Turning back to the case of the pits for a moment, we find Ulpian appearing to advance a similar justification for liability in D. 9.2.29 pr, the fragment which follows immediately on Paul’s account in D. 9.2.28:

Digest 9.2.29 pr (Ulpian, On the Edict Book 18): as where you set snares in a place [eo loci] where you had no right to put them [quo ius ponendi non haberes] and your neighbour’s cattle fall into them.

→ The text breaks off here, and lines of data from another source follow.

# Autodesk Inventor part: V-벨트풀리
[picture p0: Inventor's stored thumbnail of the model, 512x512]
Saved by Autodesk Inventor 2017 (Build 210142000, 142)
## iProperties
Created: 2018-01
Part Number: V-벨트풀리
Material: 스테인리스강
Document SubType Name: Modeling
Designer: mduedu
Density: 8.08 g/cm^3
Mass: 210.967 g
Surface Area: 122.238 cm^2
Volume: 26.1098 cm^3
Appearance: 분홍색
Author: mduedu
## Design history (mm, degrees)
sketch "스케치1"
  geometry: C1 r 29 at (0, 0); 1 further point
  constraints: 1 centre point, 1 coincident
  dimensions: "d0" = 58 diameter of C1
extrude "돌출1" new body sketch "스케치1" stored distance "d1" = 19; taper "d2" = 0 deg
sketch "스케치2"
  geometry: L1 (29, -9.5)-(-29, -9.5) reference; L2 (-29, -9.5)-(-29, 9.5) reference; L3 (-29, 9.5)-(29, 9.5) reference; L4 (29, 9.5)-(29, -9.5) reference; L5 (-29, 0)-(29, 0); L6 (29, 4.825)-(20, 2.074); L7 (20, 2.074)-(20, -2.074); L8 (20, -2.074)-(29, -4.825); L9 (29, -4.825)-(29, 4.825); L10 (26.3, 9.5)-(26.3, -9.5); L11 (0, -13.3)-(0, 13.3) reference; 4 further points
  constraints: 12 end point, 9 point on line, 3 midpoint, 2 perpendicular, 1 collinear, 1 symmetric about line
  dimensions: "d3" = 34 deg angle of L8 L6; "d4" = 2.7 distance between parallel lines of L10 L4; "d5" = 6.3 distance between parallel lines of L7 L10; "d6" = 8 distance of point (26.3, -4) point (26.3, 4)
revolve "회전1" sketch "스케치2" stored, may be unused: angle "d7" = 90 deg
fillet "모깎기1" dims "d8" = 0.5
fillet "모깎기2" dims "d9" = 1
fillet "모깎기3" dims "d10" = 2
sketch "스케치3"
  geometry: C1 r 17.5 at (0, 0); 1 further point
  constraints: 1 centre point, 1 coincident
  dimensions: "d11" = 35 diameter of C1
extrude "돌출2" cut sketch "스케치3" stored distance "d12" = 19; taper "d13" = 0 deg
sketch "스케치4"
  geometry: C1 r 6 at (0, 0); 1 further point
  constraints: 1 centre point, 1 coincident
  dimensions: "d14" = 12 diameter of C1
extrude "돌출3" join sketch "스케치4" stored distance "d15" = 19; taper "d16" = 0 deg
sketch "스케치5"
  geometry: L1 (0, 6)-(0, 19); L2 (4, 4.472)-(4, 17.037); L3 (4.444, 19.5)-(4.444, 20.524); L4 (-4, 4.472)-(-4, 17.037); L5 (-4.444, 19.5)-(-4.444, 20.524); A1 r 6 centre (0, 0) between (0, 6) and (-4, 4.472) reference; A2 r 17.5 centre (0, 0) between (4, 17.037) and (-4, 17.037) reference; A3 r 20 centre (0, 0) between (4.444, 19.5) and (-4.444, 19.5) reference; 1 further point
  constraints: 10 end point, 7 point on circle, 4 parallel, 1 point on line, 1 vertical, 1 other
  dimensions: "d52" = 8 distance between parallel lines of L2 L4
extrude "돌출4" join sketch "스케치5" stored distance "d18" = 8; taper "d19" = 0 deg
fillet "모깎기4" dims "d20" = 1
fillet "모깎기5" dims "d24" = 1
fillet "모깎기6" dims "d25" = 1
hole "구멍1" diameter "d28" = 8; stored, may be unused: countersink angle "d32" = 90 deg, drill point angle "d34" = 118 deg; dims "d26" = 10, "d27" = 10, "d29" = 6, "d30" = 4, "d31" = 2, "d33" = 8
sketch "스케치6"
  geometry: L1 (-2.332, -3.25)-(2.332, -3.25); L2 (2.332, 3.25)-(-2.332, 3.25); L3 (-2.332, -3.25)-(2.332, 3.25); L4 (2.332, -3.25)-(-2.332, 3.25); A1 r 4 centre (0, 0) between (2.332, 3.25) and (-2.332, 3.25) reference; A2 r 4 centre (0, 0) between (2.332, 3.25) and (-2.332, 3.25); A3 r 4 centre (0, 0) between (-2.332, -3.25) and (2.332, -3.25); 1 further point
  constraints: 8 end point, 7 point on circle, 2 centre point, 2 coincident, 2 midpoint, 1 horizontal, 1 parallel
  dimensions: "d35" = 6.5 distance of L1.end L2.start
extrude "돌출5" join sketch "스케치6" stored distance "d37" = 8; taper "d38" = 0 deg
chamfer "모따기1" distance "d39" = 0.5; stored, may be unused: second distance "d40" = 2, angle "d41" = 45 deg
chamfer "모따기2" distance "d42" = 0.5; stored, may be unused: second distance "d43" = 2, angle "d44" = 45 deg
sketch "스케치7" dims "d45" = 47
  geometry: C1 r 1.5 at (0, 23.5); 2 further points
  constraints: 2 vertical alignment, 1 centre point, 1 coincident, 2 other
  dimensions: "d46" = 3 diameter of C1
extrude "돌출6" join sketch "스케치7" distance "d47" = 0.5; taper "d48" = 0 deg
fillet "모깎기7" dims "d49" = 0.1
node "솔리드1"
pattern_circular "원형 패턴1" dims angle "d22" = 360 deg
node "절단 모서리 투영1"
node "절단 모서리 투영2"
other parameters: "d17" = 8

Again, Paul distinguished two variants: where the pits have been dug where people pass and where they have been dug elsewhere, where they are habitually made. Ulpian’s remark, which is about snares rather than pits, seems to pertain to the first kind of case. His justification for liability is that the defendant had no right to set the traps where he did. Of course, the transition from Paul’s analysis in fragment 28 to Ulpian’s remark in 29 pr is rather a clumsy one, since Ulpian appears to ignore Paul’s qualification in 28.1. We cannot know what preceded Ulpian’s remark in his own analysis, and indeed it is strange that the compilers introduced a text from Paul to give the main exposition of the case and then simply appended an additional comment from Ulpian’s edictal commentary in 29 pr.27 Nevertheless, it is striking that Ulpian’s justification for his conclusion—that the defendant had no right to set snares in that place (no ius ponendi eo loci)—is closely echoed in the justification offered in the pruner case in the Institutes for the absence of liability where the pruning took place at a distance from the road or in the middle of a field (no ius versandi eo loco). As in the case of Paul’s foreseeability test, we find a legal reason—the absence of a right—used both with respect to the defendant (to explain liability) and with respect to the claimant (to explain non- liability).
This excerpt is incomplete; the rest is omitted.